Trump’s attorneys have said Underwood’s office can’t prove he knew that what he was doing was improper. But Scarpulla said that the evidence they offered sufficed to move forward with the case. That included Trump signing foundation checks for veterans and then presenting them at rallies, and using his campaign to disburse those funds.

“These allegations sufficiently support a claim that Mr. Trump intentionally used Foundation assets for his private interests knowing that it may not be in the Foundation’s best interest,” Scarpulla said.

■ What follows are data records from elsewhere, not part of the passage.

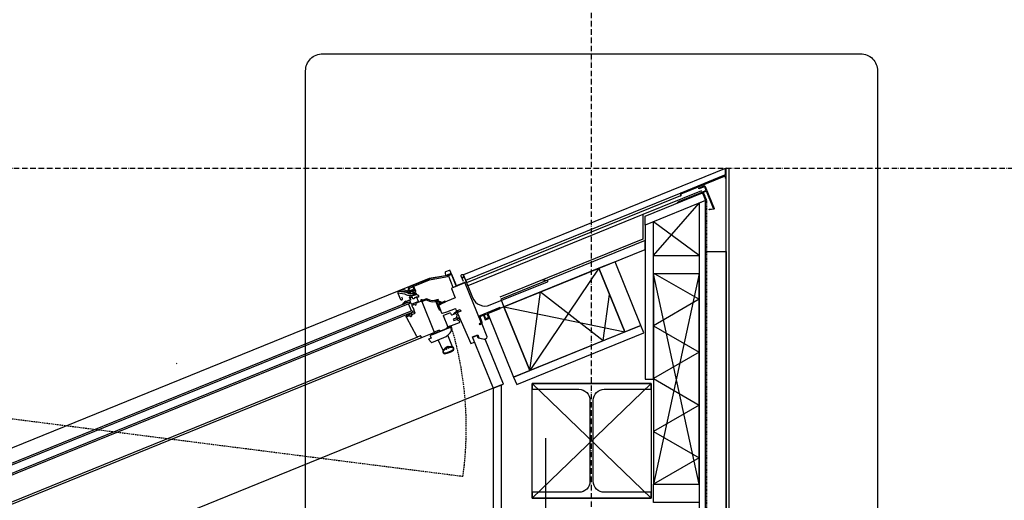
# Model space of a CAD drawing. Header units: millimetres. Extents: x -297000 to 504135, y -166520 to 252050.
# Tile 304 of 416: x 34275 to 36427, y -7626 to -6576. Entities that reach past the tile are written whole.
import ezdxf

# ---------------------------------------------------------------- set-up
doc = ezdxf.new("R2010")
doc.units = ezdxf.units.MM
doc.header["$MEASUREMENT"] = 0
for name, pattern in [('ACAD_ISO10W100', [18, 12, -3, 0, -3]), ('CENTER', [50.800000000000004, 31.75, -6.349999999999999, 6.349999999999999, -6.349999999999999]), ('DASHED2', [0.375, 0.25, -0.125]), ('HIDDEN2', [4.762499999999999, 3.175, -1.5875])]:
    doc.linetypes.add(name, pattern=pattern)
doc.layers.get('Defpoints').update_dxf_attribs({"color": 6})
for name, color, linetype in [('040_AXPRI_B', 9, 'CENTER'), ('068_HATCH_H', 8, 'Continuous'), ('080_SYMB_DETAIL', 4, 'Continuous'), ('210_WALEX_E', 2, 'Continuous'), ('210_WALEX_G', 2, 'Continuous'), ('299_STEEL_G', 3, 'Continuous'), ('299_STEEL_H', 8, 'Continuous'), ('310_WINDO_E', 1, 'Continuous'), ('310_WINDO_G', 1, 'Continuous'), ('410_WAFEX_G', 1, 'Continuous'), ('470_ROOF_G', 4, 'Continuous'), ('480_OTHFI_G', 4, 'Continuous')]:
    doc.layers.add(name, color=color, linetype=linetype)

# ---------------------------------------------------------------- blocks, each defined once
blk = doc.blocks.new('GRID02')
at = {"layer": '040_AXPRI_B', "linetype": 'ACAD_ISO10W100'}
blk.add_line((23199.99999783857, -2483.903999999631), (23199.99999788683, 11470.78071810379), dxfattribs=at)
blk.add_lwpolyline([(-4000, 8700), (27199.99999785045, 8700)], dxfattribs=at)
blk = doc.blocks.new('VELUX')
at = {"layer": '310_WINDO_E', "color": 8, "linetype": 'HIDDEN2'}
blk.add_lwpolyline([(-184.5886118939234, -309.8431769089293), (-1556.357164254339, 462.4099769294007)], dxfattribs=at)
at = {"layer": '310_WINDO_E', "color": 8}
for points in [[(-161.6204545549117, 118.7208211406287), (-1665.873654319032, 118.7208211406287), (-1665.873654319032, 77.01371055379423)], [(-152.5837629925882, 5.019762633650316), (-1558.883764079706, 5.001187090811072)], [(-1550.133784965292, 10.0001629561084), (-161.3325716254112, 10.02078669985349)], [(-121.190602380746, -38.45033588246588), (-121.9175979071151, -12.64448707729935)], [(-99.1848527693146, -38.45439188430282), (-98.40717948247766, -10.94626253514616)], [(-50.58843390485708, -155.8921760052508), (-1615.588433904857, -155.8921760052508)]]:
    blk.add_lwpolyline(points, dxfattribs=at)
at = {"layer": '310_WINDO_E', "color": 8, "linetype": 'HIDDEN2'}
for centre, start, end in [((-887.9730166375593, 76.28388679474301), 149.9849371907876, 179.7231979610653), ((-852.9730166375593, 76.28388679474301), 329.9848841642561, 354.6872389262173)]:
    blk.add_arc(centre, 771.9007230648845, start, end, dxfattribs=at)
at = {"layer": '310_WINDO_G', "color": 2}
blk.add_line((-50.58855096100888, -35.89217599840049), (-50.5892532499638, -41.89217595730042), dxfattribs=at)
at = {"layer": '310_WINDO_G', "color": 3}
for points in [[(-23.12093343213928, 90.99732448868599), (-18.96818735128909, 95.14909854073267, -0.6681786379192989), (-17.77327054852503, 94.65398392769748), (-17.77473482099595, 82.14398401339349, -0.414213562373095), (-18.274793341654, 81.64404254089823), (-40.67479318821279, 81.64666441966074, -0.414213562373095), (-41.17473466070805, 82.14672294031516), (-41.1706192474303, 117.3067226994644, 0.4142135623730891), (-42.57045537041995, 118.7068865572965), (-51.71342464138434, 118.7079567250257, 0.3541185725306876), (-52.83840099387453, 117.797186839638), (-54.13506354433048, 111.700378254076, -0.414213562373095), (-54.96536815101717, 111.1613102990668), (-90.47045504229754, 118.7124931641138), (-161.6204545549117, 118.7208211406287, 0.4142135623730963), (-165.2708817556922, 115.071248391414), (-165.2726257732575, 100.1712484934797, 0.9999999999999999), (-160.5726258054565, 100.170698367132), (-160.5721985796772, 103.8206983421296)], [(-1572.027334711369, 89.0317244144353), (-1578.642029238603, 89.80203719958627, 0.2338904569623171), (-1580.369612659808, 89.39856226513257, -0.5246925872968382), (-1582.90203691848, 90.11979978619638, 0.2464163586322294), (-1584.248284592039, 91.40103838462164), (-1590.624879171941, 93.2171003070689, 0.444655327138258), (-1593.142272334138, 91.64111606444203), (-1593.232182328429, 91.13155992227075, -0.3639702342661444), (-1594.217086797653, 90.30532337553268), (-1607.372097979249, 90.30686314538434, 0.3888787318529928), (-1611.357304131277, 86.65595255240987), (-1611.859791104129, 80.92023261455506, -0.3888787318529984), (-1612.856092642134, 80.0075049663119), (-1662.873303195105, 80.01335938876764, 0.4142135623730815), (-1665.873654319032, 77.01371055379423, 0.4142135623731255), (-1662.87400548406, 74.0133594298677), (-1660.874005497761, 74.0131253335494, -0.41421356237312), (-1659.87412255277, 73.01300829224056), (-1659.878710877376, 33.81269437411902, 1.106206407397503), (-1656.909033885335, 34.1126013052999), (-1657.827276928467, 37.31245428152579), (-1657.827042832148, 39.31245426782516)], [(-133.7732368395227, 91.91795567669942), (-131.6732368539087, 91.91770987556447, -0.4142135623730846), (-130.8733304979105, 91.11761624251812), (-130.8743605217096, 82.31761630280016, -0.414213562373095), (-132.0745009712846, 81.11775676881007), (-146.0745008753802, 81.11939544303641, -0.4142135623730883), (-147.2743604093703, 82.31953589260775), (-147.2735705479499, 89.06771052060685, 0.4477953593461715), (-149.8332897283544, 91.35326875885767), (-154.5041649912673, 90.82243176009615, -0.2635324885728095), (-155.2297859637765, 91.13109024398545, 0.5296731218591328), (-160.0201700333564, 90.85931185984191, -0.2489284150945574), (-160.6623930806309, 90.47177289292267), (-163.1880369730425, 90.33272055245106, 1.105060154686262), (-163.0147904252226, 88.28145128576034), (-160.1244181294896, 88.28111297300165)], [(-23.17448144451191, 84.30902156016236), (-23.17295981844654, 97.3090214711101, -0.9999999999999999), (-17.77295985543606, 97.3083894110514), (-17.78028707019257, 44.70838983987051, 0.414213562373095), (11.91623639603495, 15.0049137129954), (146.9162363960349, 15.0049137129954, 0.6681786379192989), (147.6235429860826, 16.71193771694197), (138.3981417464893, 22.13245171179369)], [(-1651.188249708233, 55.27961874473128), (-1648.050242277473, 57.23995273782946, -0.5890450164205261), (-1646.520422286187, 56.39172557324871), (-1646.52113627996, 50.29172561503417, -0.4142135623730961), (-1676.824682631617, 19.99527238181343), (-1791.461411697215, 20.00869040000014, 0.0655434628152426), (-1791.720234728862, 19.9746465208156), (-1801.82500266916, 17.26834973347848)], [(-1651.429648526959, 37.5571118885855), (-1651.430121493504, 33.51632608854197, -0.9999999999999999), (-1653.380121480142, 33.51655433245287), (-1653.377617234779, 54.91155418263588, -0.4142135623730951), (-1649.727190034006, 58.56112693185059), (-1630.021215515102, 58.55882038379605, -0.41421356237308), (-1628.371408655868, 56.90862726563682), (-1628.37179997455, 53.56539928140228, -0.9999999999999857), (-1630.371799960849, 53.56563337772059), (-1630.371448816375, 56.56563335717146)]]:
    blk.add_lwpolyline(points, format="xyb", dxfattribs=at)
at = {"layer": '310_WINDO_G', "color": 1}
for points in [[(-139.7978607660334, 104.7955321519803), (-138.5080906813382, 106.0850003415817, 0.1989123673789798), (-138.3909002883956, 106.3678293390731, 0.4142135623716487), (-138.7908534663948, 106.7678761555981), (-139.7408534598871, 106.7679873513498, -0.4142135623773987), (-140.2407949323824, 107.2680458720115, -0.3639702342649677), (-139.8275613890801, 107.7604013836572), (-133.103774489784, 108.9451749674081, 0.3639702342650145), (-132.6905409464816, 109.4375304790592, 0.414213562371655), (-133.1904824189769, 109.9375889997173), (-140.1437862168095, 109.9384028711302, -0.5773502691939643), (-140.7498810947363, 110.9884738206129), (-138.1341668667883, 115.5177993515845, -0.267949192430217), (-137.7011249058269, 115.767748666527), (-130.289800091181, 115.7668811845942, -0.4142135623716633), (-129.789858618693, 115.2668226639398), (-129.7904906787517, 109.8668227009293, -0.4142135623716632), (-130.2905491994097, 109.3668812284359), (-130.6905491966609, 109.3669280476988, 0.4142135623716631), (-131.1906077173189, 108.8669865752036), (-131.1906462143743, 108.5380873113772, 0.3639702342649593), (-130.7775279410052, 108.0456350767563), (-129.153913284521, 107.7591520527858, -0.3639702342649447), (-128.7407950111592, 107.2666998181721, -0.4142135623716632), (-129.24085353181, 106.7667583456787), (-130.1908535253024, 106.7668695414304, 0.4142135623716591), (-130.5909003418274, 106.3669163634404, 0.1989123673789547), (-130.4737761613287, 106.0840599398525), (-128.0533488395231, 103.6630659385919, 0.1989123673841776), (-127.8205174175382, 103.5665920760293, 0.4142135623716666), (-127.4911895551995, 103.8958428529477), (-127.4896479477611, 117.0665534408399, 0.4142135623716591), (-128.4895308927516, 118.0666704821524), (-138.7400861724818, 118.0678702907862, 0.2679491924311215), (-139.6061700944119, 117.5679716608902), (-143.2840456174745, 111.1994259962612, -0.4663076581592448), (-144.0384676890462, 111.0664920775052), (-152.0248137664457, 117.7694252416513), (-161.6426720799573, 117.770550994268), (-160.4488154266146, 117.7704112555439), (-148.8212338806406, 110.588880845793, -0.1085948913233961), (-146.9712921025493, 108.7964028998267, 0.2315054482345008), (-141.2466054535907, 105.2717078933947, -0.1236823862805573), (-139.8532008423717, 104.8297117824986), (-134.4711718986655, 101.5056151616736), (-135.105502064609, 99.14563687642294, -0.2813554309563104), (-135.7817108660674, 98.62688935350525), (-138.8220059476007, 98.61614878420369), (-140.9055273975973, 99.90299184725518, 0.1113443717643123), (-142.153440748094, 100.3325340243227, -0.2130794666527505), (-150.9485267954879, 105.7548930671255, 0.1016607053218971), (-152.7057283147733, 107.4113896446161), (-164.5794259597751, 114.8236917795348, -0.4243871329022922), (-161.6426720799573, 117.770550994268)], [(-157.2100111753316, 115.7700321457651), (-153.4016905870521, 115.7695863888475, -0.1763269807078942), (-153.0803104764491, 115.6525709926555), (-144.9291209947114, 108.8112849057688, 0.3027756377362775), (-143.8264557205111, 108.6892253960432, -0.5622077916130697), (-141.4907949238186, 107.2681921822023), (-141.4910253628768, 105.2994379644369)], [(-128.8068245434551, 98.25548291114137, -0.4931450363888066), (-129.2898599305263, 97.62612948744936), (-130.180828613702, 97.62623377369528, -0.3394542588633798), (-130.6637481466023, 97.99688077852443), (-130.8650946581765, 98.748668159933, -0.4931454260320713), (-130.5752727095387, 99.12627995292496), (-130.4662403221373, 99.12626719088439, 0.4931454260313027), (-130.1764183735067, 99.50387898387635), (-130.6723802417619, 101.355700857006, 0.3394542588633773), (-131.1552997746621, 101.726347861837), (-132.9946369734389, 101.7265631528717, 0.3394542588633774), (-133.4776432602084, 101.3560292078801), (-133.9740386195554, 99.50432348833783, 0.4931454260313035), (-133.6843050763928, 99.12664385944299), (-133.5752726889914, 99.12663109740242, -0.4931454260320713), (-133.2855391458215, 98.74895146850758), (-133.4870616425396, 97.99721124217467, -0.3394542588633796), (-133.9700679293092, 97.62667729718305), (-138.9702456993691, 97.62726255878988, -0.1316524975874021), (-139.3202347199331, 97.72108574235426), (-140.4290055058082, 98.36140790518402, -1.000000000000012), (-139.9289041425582, 99.2273747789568), (-139.0521684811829, 98.72105437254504, 0.1316524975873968), (-138.7021794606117, 98.62723118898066), (-135.7817108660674, 98.62688935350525, 0.339454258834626), (-135.105502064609, 99.14563687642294), (-133.9898282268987, 103.3074397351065, 0.1539147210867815), (-134.0081422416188, 103.7280293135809), (-134.965012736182, 106.3579671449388, 0.339454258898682), (-135.64110008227, 106.8768729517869), (-139.7685137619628, 106.8773560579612, -0.8838569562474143), (-139.8537674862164, 107.5668038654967), (-138.6183967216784, 107.8772214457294), (-134.9862160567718, 107.8767963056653, 1), (-134.1862160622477, 107.8767026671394), (-130.3038541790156, 107.8762482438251), (-129.0685561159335, 107.5655414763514, -0.8838569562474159), (-129.1539712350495, 106.8761136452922), (-133.0839679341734, 106.8765736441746, 0.4931454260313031), (-133.7602191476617, 105.9954794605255), (-132.5084878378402, 103.2453329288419, 0.3394542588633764), (-131.832400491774, 102.7264271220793), (-131.1551827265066, 102.7263478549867, -0.3394542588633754), (-129.7064241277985, 101.6144068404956), (-128.806824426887, 98.2554824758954)], [(-135.2099738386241, 91.95839611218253, 0.01401238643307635), (-131.6732368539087, 91.91770987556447, -0.01401238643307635), (-135.2099738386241, 91.95839611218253, -0.7514281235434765), (-139.0579065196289, 91.17254945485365), (-139.6729935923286, 92.96826802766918, -0.1246883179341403), (-139.3429830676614, 94.2703952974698, 0.5118895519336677), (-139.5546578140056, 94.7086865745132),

The foundation blurred the lines between charity and political organization

Trump’s attorneys have insisted that he was acting in his “individual capacity” when he appeared at campaign events carrying foundation checks, and therefore was not violating a ban on charities engaging in political activity.

But to make that legal argument, Trump would have had to avoid making “partisan statements” at these public appearances. Instead, he appeared at a MAGA-festooned podium, boasted about how the events could boost his political performance, and mocked his Republican primary opponents.

As Scarpulla wrote, Trump’s quotes from the fundraiser and subsequent rallies “show that Mr. Trump was acting in both of his capacities as campaign candidate and president of the Foundation.”

“Moreover, considering the allegations of coordination between the Campaign and Foundation, as well as the control and authority that Mr. Trump and the Campaign allegedly wielded over the Foundation, the petition adequately alleges that the political acts by Mr. Trump and the Campaign are attributable to the Foundation,” Scarpulla added.